• **What needs to be done**: Exactly as written, set down the lines from the top of the entries through the line bearing "Full cylindrical faces by diameter (mm): 20", with every picture left out.

• **Stored items**:
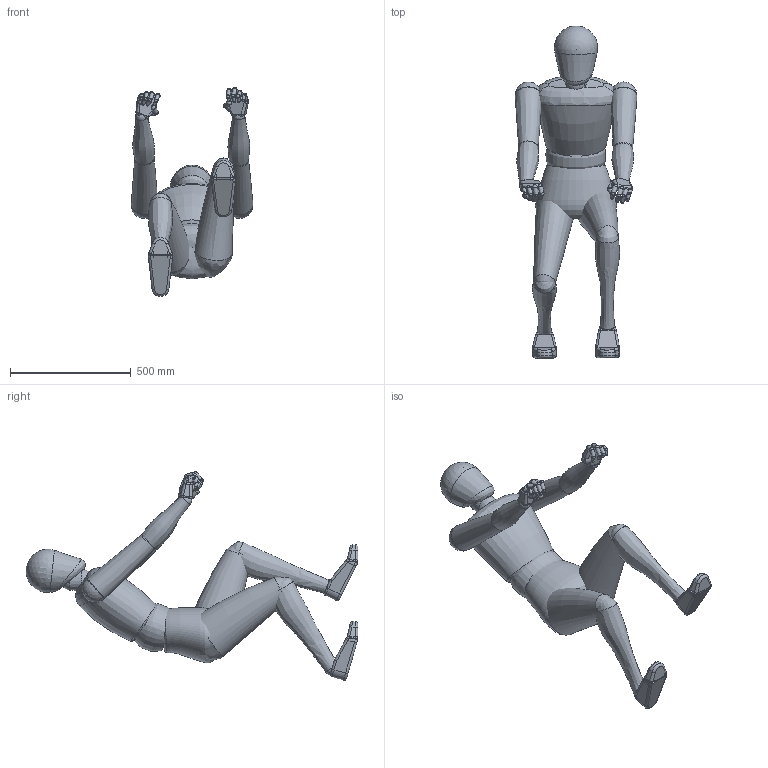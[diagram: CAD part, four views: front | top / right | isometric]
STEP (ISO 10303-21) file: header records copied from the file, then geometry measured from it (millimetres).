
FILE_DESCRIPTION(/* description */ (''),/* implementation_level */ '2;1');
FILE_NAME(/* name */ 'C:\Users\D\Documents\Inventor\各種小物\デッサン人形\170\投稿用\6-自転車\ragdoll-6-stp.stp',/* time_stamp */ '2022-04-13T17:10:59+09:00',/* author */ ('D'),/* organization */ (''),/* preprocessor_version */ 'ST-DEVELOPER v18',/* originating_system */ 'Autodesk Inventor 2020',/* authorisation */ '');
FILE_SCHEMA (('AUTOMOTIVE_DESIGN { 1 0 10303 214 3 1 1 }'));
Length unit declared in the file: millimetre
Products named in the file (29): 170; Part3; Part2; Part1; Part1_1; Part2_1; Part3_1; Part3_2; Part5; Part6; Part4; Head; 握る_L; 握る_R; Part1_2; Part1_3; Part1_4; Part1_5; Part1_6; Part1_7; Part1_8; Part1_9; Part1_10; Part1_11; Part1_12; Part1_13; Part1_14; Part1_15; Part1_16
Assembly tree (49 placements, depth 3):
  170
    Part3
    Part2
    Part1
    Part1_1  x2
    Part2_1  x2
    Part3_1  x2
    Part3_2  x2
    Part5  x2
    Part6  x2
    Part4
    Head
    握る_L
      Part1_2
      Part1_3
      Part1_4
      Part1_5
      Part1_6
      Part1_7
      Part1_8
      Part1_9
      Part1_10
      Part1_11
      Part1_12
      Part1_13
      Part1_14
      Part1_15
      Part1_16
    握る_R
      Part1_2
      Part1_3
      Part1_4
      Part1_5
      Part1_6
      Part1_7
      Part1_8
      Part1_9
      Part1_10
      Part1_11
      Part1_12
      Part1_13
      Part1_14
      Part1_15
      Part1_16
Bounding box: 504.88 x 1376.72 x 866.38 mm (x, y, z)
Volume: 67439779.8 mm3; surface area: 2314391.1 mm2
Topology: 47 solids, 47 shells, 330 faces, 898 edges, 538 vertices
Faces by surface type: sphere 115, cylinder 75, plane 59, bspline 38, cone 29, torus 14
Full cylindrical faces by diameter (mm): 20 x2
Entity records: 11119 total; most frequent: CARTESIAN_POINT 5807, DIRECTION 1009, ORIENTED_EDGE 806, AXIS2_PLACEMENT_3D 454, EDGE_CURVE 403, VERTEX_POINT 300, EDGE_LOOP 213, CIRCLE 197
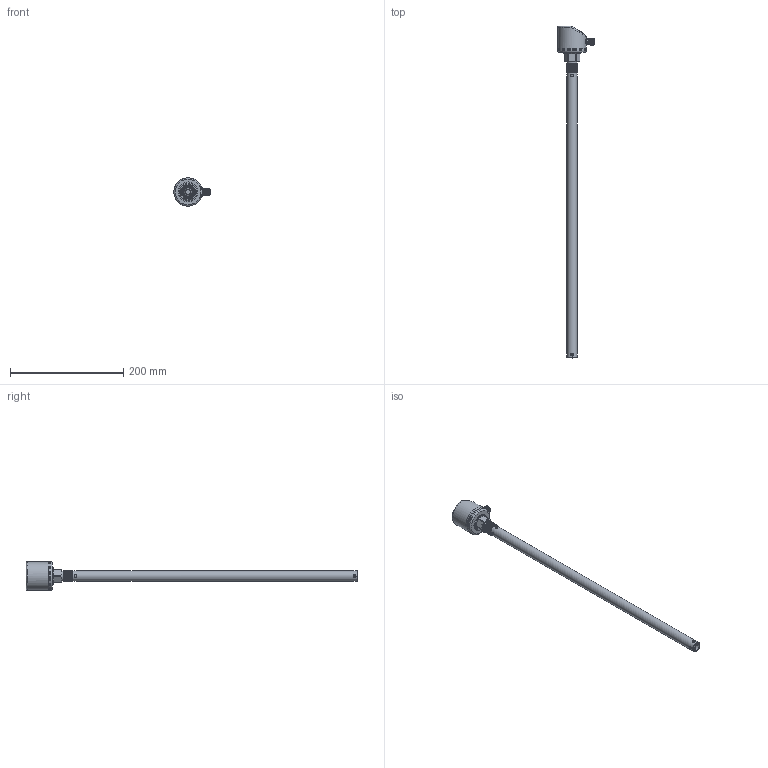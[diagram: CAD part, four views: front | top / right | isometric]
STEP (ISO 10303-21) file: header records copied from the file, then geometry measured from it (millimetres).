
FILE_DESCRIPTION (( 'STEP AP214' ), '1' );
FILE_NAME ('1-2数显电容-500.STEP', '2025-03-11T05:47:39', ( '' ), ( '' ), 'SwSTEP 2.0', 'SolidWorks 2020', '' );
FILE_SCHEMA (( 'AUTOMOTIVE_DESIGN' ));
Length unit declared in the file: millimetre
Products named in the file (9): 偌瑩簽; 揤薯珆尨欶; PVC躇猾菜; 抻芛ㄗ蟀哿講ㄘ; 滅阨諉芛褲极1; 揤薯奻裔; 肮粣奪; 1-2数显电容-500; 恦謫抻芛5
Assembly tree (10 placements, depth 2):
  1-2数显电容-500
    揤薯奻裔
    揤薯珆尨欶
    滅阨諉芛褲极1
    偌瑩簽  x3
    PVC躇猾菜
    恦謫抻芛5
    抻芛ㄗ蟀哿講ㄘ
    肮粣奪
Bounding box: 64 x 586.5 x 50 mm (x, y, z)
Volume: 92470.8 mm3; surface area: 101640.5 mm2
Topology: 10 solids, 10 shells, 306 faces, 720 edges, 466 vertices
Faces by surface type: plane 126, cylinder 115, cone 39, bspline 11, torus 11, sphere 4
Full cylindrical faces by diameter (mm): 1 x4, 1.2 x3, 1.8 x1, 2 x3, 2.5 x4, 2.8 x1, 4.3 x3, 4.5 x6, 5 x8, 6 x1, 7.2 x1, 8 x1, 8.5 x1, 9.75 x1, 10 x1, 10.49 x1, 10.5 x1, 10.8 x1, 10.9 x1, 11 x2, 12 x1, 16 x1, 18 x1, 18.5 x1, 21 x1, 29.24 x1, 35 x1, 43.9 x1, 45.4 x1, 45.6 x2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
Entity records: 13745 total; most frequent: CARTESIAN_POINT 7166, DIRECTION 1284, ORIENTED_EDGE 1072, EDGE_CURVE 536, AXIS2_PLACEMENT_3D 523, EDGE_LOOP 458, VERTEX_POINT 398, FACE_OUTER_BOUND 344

• **Reply**:
[diagram: CAD part, four views: front | top / right | isometric]
STEP (ISO 10303-21) file: header records copied from the file, then geometry measured from it (millimetres).
FILE_DESCRIPTION(/* description */ (''),/* implementation_level */ '2;1');
FILE_NAME(/* name */ 'C:\Users\D\Documents\Inventor\各種小物\デッサン人形\170\投稿用\6-自転車\ragdoll-6-stp.stp',/* time_stamp */ '2022-04-13T17:10:59+09:00',/* author */ ('D'),/* organization */ (''),/* preprocessor_version */ 'ST-DEVELOPER v18',/* originating_system */ 'Autodesk Inventor 2020',/* authorisation */ '');
FILE_SCHEMA (('AUTOMOTIVE_DESIGN { 1 0 10303 214 3 1 1 }'));
Length unit declared in the file: millimetre
Products named in the file (29): 170; Part3; Part2; Part1; Part1_1; Part2_1; Part3_1; Part3_2; Part5; Part6; Part4; Head; 握る_L; 握る_R; Part1_2; Part1_3; Part1_4; Part1_5; Part1_6; Part1_7; Part1_8; Part1_9; Part1_10; Part1_11; Part1_12; Part1_13; Part1_14; Part1_15; Part1_16
Assembly tree (49 placements, depth 3):
  170
    Part3
    Part2
    Part1
    Part1_1  x2
    Part2_1  x2
    Part3_1  x2
    Part3_2  x2
    Part5  x2
    Part6  x2
    Part4
    Head
    握る_L
      Part1_2
      Part1_3
      Part1_4
      Part1_5
      Part1_6
      Part1_7
      Part1_8
      Part1_9
      Part1_10
      Part1_11
      Part1_12
      Part1_13
      Part1_14
      Part1_15
      Part1_16
    握る_R
      Part1_2
      Part1_3
      Part1_4
      Part1_5
      Part1_6
      Part1_7
      Part1_8
      Part1_9
      Part1_10
      Part1_11
      Part1_12
      Part1_13
      Part1_14
      Part1_15
      Part1_16
Bounding box: 504.88 x 1376.72 x 866.38 mm (x, y, z)
Volume: 67439779.8 mm3; surface area: 2314391.1 mm2
Topology: 47 solids, 47 shells, 330 faces, 898 edges, 538 vertices
Faces by surface type: sphere 115, cylinder 75, plane 59, bspline 38, cone 29, torus 14
Full cylindrical faces by diameter (mm): 20 x2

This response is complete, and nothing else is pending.